Bagus. Kalau begini akan lebih cepat selesai. Guru Konseling mengangguk-angguk. "Jadi?" Dia menaikkan alisnya. Memberi kesempatan kedua orang itu untuk berpikir.

"Besok. Saya bakal langsung bayar utang saya besok, Bu."

"Dan kalau tidak?"

"Err—Aristo boleh kasih bunga pinjaman sama saya?"

Guru Konseling setengah tertawa. "Baiklah." Wanita itu mengambil selembar kertas kosong dan pena lalu menyerahkannya pada Kurnia. "Tulis janji kamu di situ, lalu tanda tangani. Aristo dan kamu," wanita itu menunjuk si saksi, "juga tanda tangani."

Ketiga orang itu mengangguk dan segera melaksanakan.

"Baiklah, kalian boleh keluar sekarang. Aristo, Kurnia, kalian ke UKS. Urus lebam kalian itu. Aristo setelah itu kamu juga harus ke konseling SMA."

"Iya, Bu."

Setelah agak jauh berjalan dari ruang konseling, Aristo menepuk bahu temannya itu. "Thanks, Wan. Lo membantu banget."

"Ya, ya, terserah. Lain kali gue gak mau terlibat sama orang gila macam lo."

Aristo tertawa pelan. Ia kemudian beralih menatap Kurnia. Berujar agak dingin, "Lo juga. Makasih."
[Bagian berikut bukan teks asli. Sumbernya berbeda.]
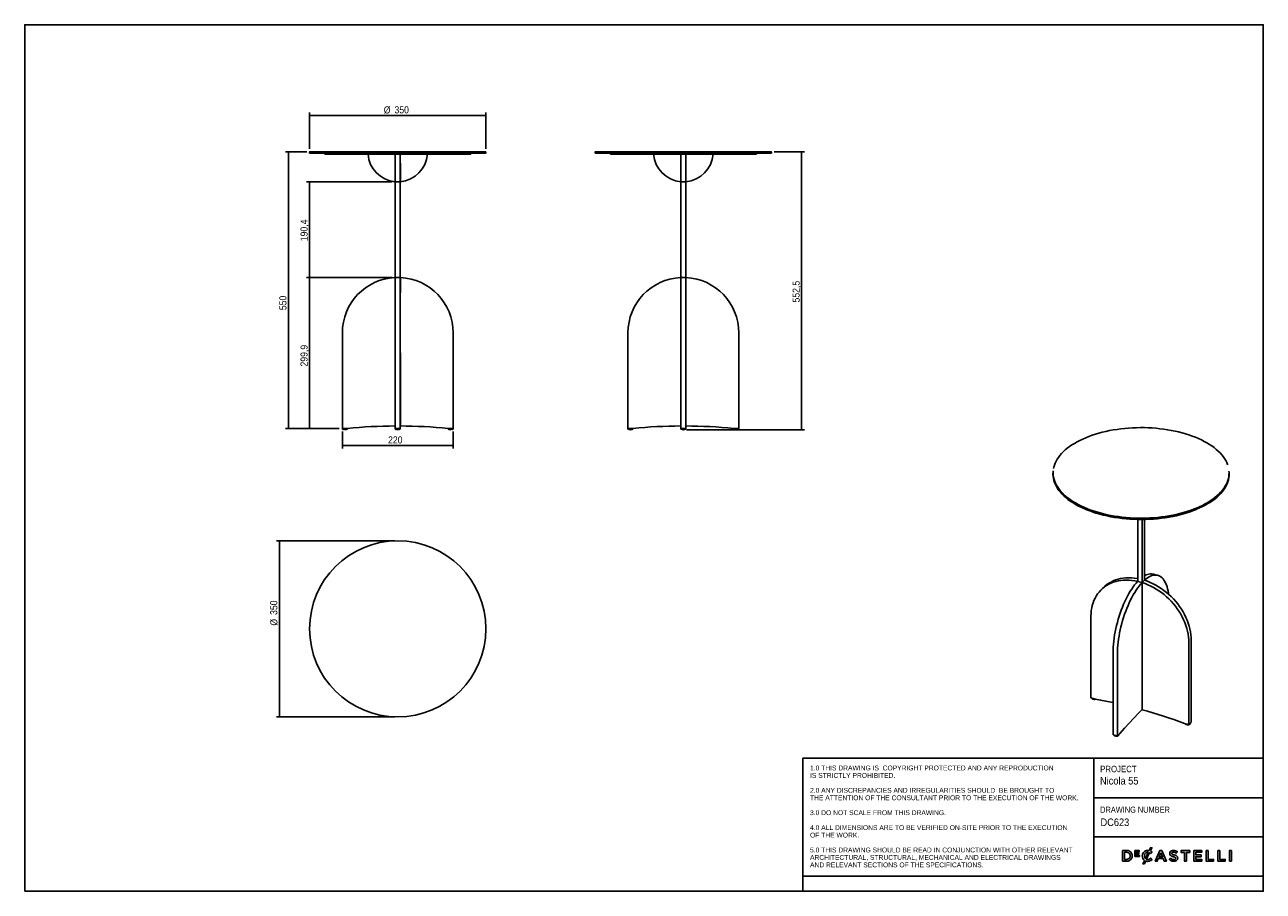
# Model space of a CAD drawing. Header units: millimetres. Extents: x 30 to 2490, y 30 to 1752.
import ezdxf

# ---------------------------------------------------------------- set-up
doc = ezdxf.new("R2010")
doc.units = ezdxf.units.MM
doc.header["$LTSCALE"] = 6
doc.linetypes.add('SLD-Solido', pattern=[0])
for name, color, linetype in [('NOTE', 3, 'SLD-Solido'), ('QUOTE', 1, 'SLD-Solido'), ('SCHIZZI', 9, 'Continuous')]:
    doc.layers.add(name, color=color, linetype=linetype)
doc.styles.add('SLDTEXTSTYLE0', font='GOTHIC.TTF', dxfattribs={"width": 0.913})
doc.styles.add('SLDTEXTSTYLE1', font='GOTHIC.TTF', dxfattribs={"width": 0.86735})
doc.dimstyles.new('SLDDIMSTYLE0', dxfattribs={"dimtxt": 14.111111, "dimasz": 12, "dimexe": 0, "dimexo": 0.0625, "dimgap": 3.527778, "dimtad": 1, "dimdec": 1, "dimrnd": 1e-09, "dimzin": 12, "dimdsep": 46, "dimtxsty": 'SLDTEXTSTYLE0', "dimsah": 1, "dimcen": 0.09, "dimadec": 0, "dimazin": 3, "dimtfac": 1, "dimtdec": 1, "dimtofl": 0, "dimtmove": 0, "dimatfit": 3, "dimfxl": 1, "dimfrac": 2, "dimtolj": 1, "dimtzin": 12, "dimarcsym": 0})

# ---------------------------------------------------------------- blocks, each defined once
blk = doc.blocks.new('_D')
at = {"layer": 'QUOTE', "transparency": 16777216}
for p, q in [((595.8, 1505.4), (595.8, 1577.8)), ((945.8, 1505.4), (945.8, 1577.8)), ((945.8, 1571.8), (595.8, 1571.8))]:
    blk.add_line(p, q, dxfattribs=at)
for points in [[(595.8, 1571.8), (607.8, 1570.3), (607.8, 1573.3)], [(945.8, 1571.8), (933.8, 1573.3), (933.8, 1570.3)]]:
    blk.add_solid(points, dxfattribs=at)
at = {"layer": 'QUOTE', "transparency": 16777216, "char_height": 14.11, "attachment_point": 1, "style": 'SLDTEXTSTYLE0'}
for s, insert in [('%%c', (743, 1589.8)), ('350', (764.3, 1590))]:
    blk.add_mtext(s, dxfattribs=dict(at, insert=insert))
blk = doc.blocks.new('_D_1')
at = {"layer": 'QUOTE', "transparency": 16777216}
for p, q in [((660.8, 943.7), (660.8, 909.9)), ((880.8, 943.7), (880.8, 909.9)), ((660.8, 915.9), (880.8, 915.9))]:
    blk.add_line(p, q, dxfattribs=at)
for points in [[(660.8, 915.9), (672.8, 914.4), (672.8, 917.4)], [(880.8, 915.9), (868.8, 917.4), (868.8, 914.4)]]:
    blk.add_solid(points, dxfattribs=at)
at = {"layer": 'QUOTE', "transparency": 16777216, "insert": (751.6, 934), "char_height": 14.11, "attachment_point": 1, "style": 'SLDTEXTSTYLE0'}
blk.add_mtext('220', dxfattribs=at)
blk = doc.blocks.new('_D_2')
at = {"layer": 'QUOTE', "transparency": 16777216}
for p, q in [((590.1, 1499.7), (547.7, 1499.7)), ((553.7, 949.7), (553.7, 1499.7)), ((654.8, 949.7), (547.7, 949.7))]:
    blk.add_line(p, q, dxfattribs=at)
for points in [[(553.7, 1499.7), (552.2, 1487.7), (555.2, 1487.7)], [(553.7, 949.7), (555.2, 961.7), (552.2, 961.7)]]:
    blk.add_solid(points, dxfattribs=at)
at = {"layer": 'QUOTE', "transparency": 16777216, "insert": (535.7, 1184.8), "char_height": 14.11, "attachment_point": 1, "rotation": 90, "style": 'SLDTEXTSTYLE0'}
blk.add_mtext('550', dxfattribs=at)
blk = doc.blocks.new('_D_3')
at = {"layer": 'QUOTE', "transparency": 16777216}
for p, q in [((759.8, 1249.6), (589.8, 1249.6)), ((595.8, 1249.6), (595.8, 949.7)), ((654.8, 949.7), (589.8, 949.7))]:
    blk.add_line(p, q, dxfattribs=at)
for points in [[(595.8, 1249.6), (594.3, 1237.6), (597.3, 1237.6)], [(595.8, 949.7), (597.3, 961.7), (594.3, 961.7)]]:
    blk.add_solid(points, dxfattribs=at)
at = {"layer": 'QUOTE', "transparency": 16777216, "insert": (577.7, 1072.8), "char_height": 14.11, "attachment_point": 1, "rotation": 90, "style": 'SLDTEXTSTYLE0'}
blk.add_mtext('299,9', dxfattribs=at)
blk = doc.blocks.new('_D_4')
at = {"layer": 'QUOTE', "transparency": 16777216}
for p, q in [((759.8, 1440), (589.8, 1440)), ((595.8, 1440), (595.8, 1249.6)), ((759.8, 1249.6), (589.8, 1249.6))]:
    blk.add_line(p, q, dxfattribs=at)
for points in [[(595.8, 1440), (594.3, 1428), (597.3, 1428)], [(595.8, 1249.6), (597.3, 1261.6), (594.3, 1261.6)]]:
    blk.add_solid(points, dxfattribs=at)
at = {"layer": 'QUOTE', "transparency": 16777216, "insert": (577.7, 1321.8), "char_height": 14.11, "attachment_point": 1, "rotation": 90, "style": 'SLDTEXTSTYLE0'}
blk.add_mtext('190,4', dxfattribs=at)
blk = doc.blocks.new('_D_5')
at = {"layer": 'QUOTE', "transparency": 16777216}
for p, q in [((764.8, 726.5), (529.8, 726.5)), ((535.8, 726.5), (535.8, 376.5)), ((764.8, 376.5), (529.8, 376.5))]:
    blk.add_line(p, q, dxfattribs=at)
for points in [[(535.8, 726.5), (534.3, 714.5), (537.3, 714.5)], [(535.8, 376.5), (537.3, 388.5), (534.3, 388.5)]]:
    blk.add_solid(points, dxfattribs=at)
at = {"layer": 'QUOTE', "transparency": 16777216, "char_height": 14.11, "attachment_point": 1, "rotation": 90, "style": 'SLDTEXTSTYLE0'}
for s, insert in [('350', (517.5, 579.1)), ('%%c', (517.8, 557.8))]:
    blk.add_mtext(s, dxfattribs=dict(at, insert=insert))
blk = doc.blocks.new('_D_6')
at = {"layer": 'QUOTE', "transparency": 16777216}
for p, q in [((1518.8, 1499.7), (1579.1, 1499.7)), ((1573.1, 947.2), (1573.1, 1499.7)), ((1344.1, 947.2), (1579.1, 947.2))]:
    blk.add_line(p, q, dxfattribs=at)
for points in [[(1573.1, 1499.7), (1571.6, 1487.7), (1574.6, 1487.7)], [(1573.1, 947.2), (1574.6, 959.2), (1571.6, 959.2)]]:
    blk.add_solid(points, dxfattribs=at)
at = {"layer": 'QUOTE', "transparency": 16777216, "insert": (1555.1, 1200), "char_height": 14.11, "attachment_point": 1, "rotation": 90, "style": 'SLDTEXTSTYLE0'}
blk.add_mtext('552,5', dxfattribs=at)

msp = doc.modelspace()

# ---------------------------------------------------------------- linework, layer by layer
for p, q in [((595.79, 1499.43), (595.79, 1497.03)), ((596.09, 1499.73), (770.79, 1499.73)), ((770.79, 1496.73), (596.09, 1496.73)), ((625.79, 1496.73), (625.79, 1494.73)), ((625.79, 1494.73), (770.79, 1494.73)), ((765.54, 1476.73), (765.79, 1476.73)), ((765.54, 1439.97), (765.54, 1476.73)), ((765.79, 1439.97), (765.79, 1494.73)), ((770.79, 1499.73), (945.49, 1499.73)), ((945.49, 1496.73), (770.79, 1496.73)), ((770.79, 1494.73), (915.79, 1494.73)), ((775.79, 1439.97), (775.79, 1494.73)), ((775.79, 1476.73), (776.04, 1476.73)), ((776.04, 1476.73), (776.04, 1439.97)), ((915.79, 1494.73), (915.79, 1496.73)), ((945.79, 1497.03), (945.79, 1499.43)), ((1163.15, 1499.43), (1163.15, 1497.03)), ((1512.85, 1499.73), (1163.45, 1499.73)), ((1512.85, 1496.73), (1163.45, 1496.73)), ((1193.15, 1496.73), (1193.15, 1494.73)), ((1193.15, 1494.73), (1483.15, 1494.73)), ((1203.81, 1494.73), (1203.81, 1494.71)), ((1203.82, 1494.73), (1203.82, 1494.71)), ((1206.87, 1494.71), (1206.87, 1494.73)), ((1206.88, 1494.71), (1206.88, 1494.73)), ((1332.9, 1494.73), (1332.9, 1476.23)), ((1332.9, 1476.23), (1333.15, 1476.23)), ((1333.15, 1439.97), (1333.15, 1494.73)), ((1343.15, 1439.97), (1343.15, 1494.73)), ((1343.15, 1476.23), (1343.4, 1476.23)), ((1343.4, 1476.23), (1343.4, 1494.73)), ((1483.15, 1494.73), (1483.15, 1496.73)), ((1513.15, 1497.03), (1513.15, 1499.43)), ((1333.15, 1459.73), (1332.9, 1459.73)), ((1332.9, 1459.73), (1332.9, 1439.97)), ((1343.4, 1459.73), (1343.15, 1459.73)), ((1343.4, 1439.97), (1343.4, 1459.73)), ((765.79, 1439.97), (765.79, 1249.61)), ((765.79, 1439.97), (775.79, 1439.97)), ((775.79, 1439.97), (775.79, 1249.61)), ((1343.15, 1439.97), (1333.15, 1439.97)), ((1333.15, 1439.97), (1333.15, 1249.61)), ((1343.15, 1439.97), (1343.15, 1249.61)), ((765.54, 1249.61), (765.54, 1219.73)), ((765.79, 1139.73), (765.79, 1249.61)), ((765.79, 1249.61), (775.79, 1249.61)), ((775.79, 1139.73), (775.79, 1249.61)), ((776.04, 1219.73), (776.04, 1249.61)), ((1332.9, 1249.61), (1332.9, 1099.73)), ((1333.15, 1249.61), (1343.15, 1249.61)), ((1333.15, 1249.61), (1333.15, 1139.73)), ((1343.15, 1249.61), (1343.15, 1139.73)), ((1343.4, 1099.73), (1343.4, 1249.61)), ((765.54, 1219.73), (765.79, 1219.73)), ((775.79, 1219.73), (776.04, 1219.73)), ((660.79, 1139.73), (660.79, 949.73)), ((765.79, 949.73), (765.79, 1139.73)), ((775.79, 949.73), (775.79, 1139.73)), ((880.79, 949.73), (880.79, 1139.73)), ((1228.15, 1139.73), (1228.15, 949.73)), ((1333.15, 1139.73), (1333.15, 949.73)), ((1343.15, 1139.73), (1343.15, 949.73)), ((1448.15, 949.73), (1448.15, 1139.73)), ((765.54, 1099.73), (765.54, 954.72)), ((765.79, 1099.73), (765.54, 1099.73)), ((776.04, 1099.73), (775.79, 1099.73)), ((776.04, 954.72), (776.04, 1099.73)), ((1332.9, 1099.73), (1333.15, 1099.73)), ((1343.15, 1099.73), (1343.4, 1099.73)), ((660.79, 949.73), (660.79, 948.23)), ((660.79, 949.73), (670.79, 949.73)), ((662.04, 948.23), (660.79, 948.23)), ((662.74, 948.23), (662.04, 948.23)), ((662.04, 948.23), (662.04, 947.79)), ((663.74, 948.23), (662.74, 948.23)), ((662.74, 947.6), (662.74, 948.23)), ((664.44, 948.23), (663.74, 948.23)), ((663.74, 948.23), (663.74, 947.4)), ((665.44, 948.23), (664.44, 948.23)), ((664.44, 947.3), (664.44, 948.23)), ((665.44, 948.23), (665.44, 947.24)), ((666.14, 948.23), (665.44, 948.23)), ((666.14, 947.24), (666.14, 948.23)), ((667.14, 948.23), (666.14, 948.23)), ((667.84, 948.23), (667.14, 948.23)), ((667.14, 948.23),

"Diam lo." Kurnia berlalu sambil dengan sengaja membenturkan bahunya pada bahu Aristo. Berjalan lebih dahulu menuju UKS.

———————————————————————

AristoCakra: Oi

AristoCakra: Sorry, ya

AristoCakra: Gw g ada maksud, serius. Gw g tahu kalo itu pacar lo

Aristo Cakra: Dia yang ngajak gw, gw g bohong kok

Kurnia melengos. Menggerutu malas dalam hati, separuh terhadap notifikasi di ponselnya separuh lagi terhadap acara televisi yang dirasa tak berkualitas. Dia mengunyah butir kacang polong terakhir ketika ponsel yang tergeletak di antara selangkangannya bergetar lagi. Dia mengumpat dalam hati seraya cepat-cepat mengantongi ponselnya. Tapi sekilas dia dapat membaca notifikasi yang muncul itu.

Aristo Cakra

Bukain pintunya, oi. Gw udh ada di dpn. Kita perlu bicarain ini.

Tutup | Balas

Oke, Kurnia entah sudah ke berapa kalinya merasa menyesal pernah memberitahu LINE ID-nya pada Aristo.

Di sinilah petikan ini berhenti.